[[ Data extracts open ]]
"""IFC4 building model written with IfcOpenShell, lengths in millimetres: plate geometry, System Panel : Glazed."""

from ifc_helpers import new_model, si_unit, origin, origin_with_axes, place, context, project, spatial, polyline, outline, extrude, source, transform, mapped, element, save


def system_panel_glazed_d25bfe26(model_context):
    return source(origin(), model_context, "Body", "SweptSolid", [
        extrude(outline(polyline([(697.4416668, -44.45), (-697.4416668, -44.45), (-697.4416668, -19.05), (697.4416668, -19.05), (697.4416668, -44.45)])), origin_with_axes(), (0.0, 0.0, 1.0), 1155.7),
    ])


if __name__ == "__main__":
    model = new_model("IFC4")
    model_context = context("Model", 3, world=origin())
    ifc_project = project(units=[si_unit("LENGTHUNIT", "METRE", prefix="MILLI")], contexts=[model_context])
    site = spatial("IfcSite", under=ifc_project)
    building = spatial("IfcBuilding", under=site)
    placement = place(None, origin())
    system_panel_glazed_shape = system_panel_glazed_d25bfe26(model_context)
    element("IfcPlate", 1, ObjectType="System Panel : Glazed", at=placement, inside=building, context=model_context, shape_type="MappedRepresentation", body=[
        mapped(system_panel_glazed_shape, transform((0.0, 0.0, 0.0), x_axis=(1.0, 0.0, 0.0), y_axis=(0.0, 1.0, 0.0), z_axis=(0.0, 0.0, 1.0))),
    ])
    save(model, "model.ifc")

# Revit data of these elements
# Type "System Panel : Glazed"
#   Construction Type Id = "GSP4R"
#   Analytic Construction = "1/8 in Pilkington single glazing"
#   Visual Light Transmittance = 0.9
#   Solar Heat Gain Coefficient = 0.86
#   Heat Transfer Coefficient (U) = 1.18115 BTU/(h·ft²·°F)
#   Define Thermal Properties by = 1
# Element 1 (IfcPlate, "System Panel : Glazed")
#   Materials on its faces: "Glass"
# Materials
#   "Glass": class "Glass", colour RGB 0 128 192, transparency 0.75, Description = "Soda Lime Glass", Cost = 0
[[ Data extracts closed ]]
» **Directions**: Produce an exact copy of the entries above.

» **Result of the task**:
"""IFC4 building model written with IfcOpenShell, lengths in millimetres: plate geometry, System Panel : Glazed."""

from ifc_helpers import new_model, si_unit, origin, origin_with_axes, place, context, project, spatial, polyline, outline, extrude, source, transform, mapped, element, save


def system_panel_glazed_d25bfe26(model_context):
    return source(origin(), model_context, "Body", "SweptSolid", [
        extrude(outline(polyline([(697.4416668, -44.45), (-697.4416668, -44.45), (-697.4416668, -19.05), (697.4416668, -19.05), (697.4416668, -44.45)])), origin_with_axes(), (0.0, 0.0, 1.0), 1155.7),
    ])


if __name__ == "__main__":
    model = new_model("IFC4")
    model_context = context("Model", 3, world=origin())
    ifc_project = project(units=[si_unit("LENGTHUNIT", "METRE", prefix="MILLI")], contexts=[model_context])
    site = spatial("IfcSite", under=ifc_project)
    building = spatial("IfcBuilding", under=site)
    placement = place(None, origin())
    system_panel_glazed_shape = system_panel_glazed_d25bfe26(model_context)
    element("IfcPlate", 1, ObjectType="System Panel : Glazed", at=placement, inside=building, context=model_context, shape_type="MappedRepresentation", body=[
        mapped(system_panel_glazed_shape, transform((0.0, 0.0, 0.0), x_axis=(1.0, 0.0, 0.0), y_axis=(0.0, 1.0, 0.0), z_axis=(0.0, 0.0, 1.0))),
    ])
    save(model, "model.ifc")

# Revit data of these elements
# Type "System Panel : Glazed"
#   Construction Type Id = "GSP4R"
#   Analytic Construction = "1/8 in Pilkington single glazing"
#   Visual Light Transmittance = 0.9
#   Solar Heat Gain Coefficient = 0.86
#   Heat Transfer Coefficient (U) = 1.18115 BTU/(h·ft²·°F)
#   Define Thermal Properties by = 1
# Element 1 (IfcPlate, "System Panel : Glazed")
#   Materials on its faces: "Glass"
# Materials
#   "Glass": class "Glass", colour RGB 0 128 192, transparency 0.75, Description = "Soda Lime Glass", Cost = 0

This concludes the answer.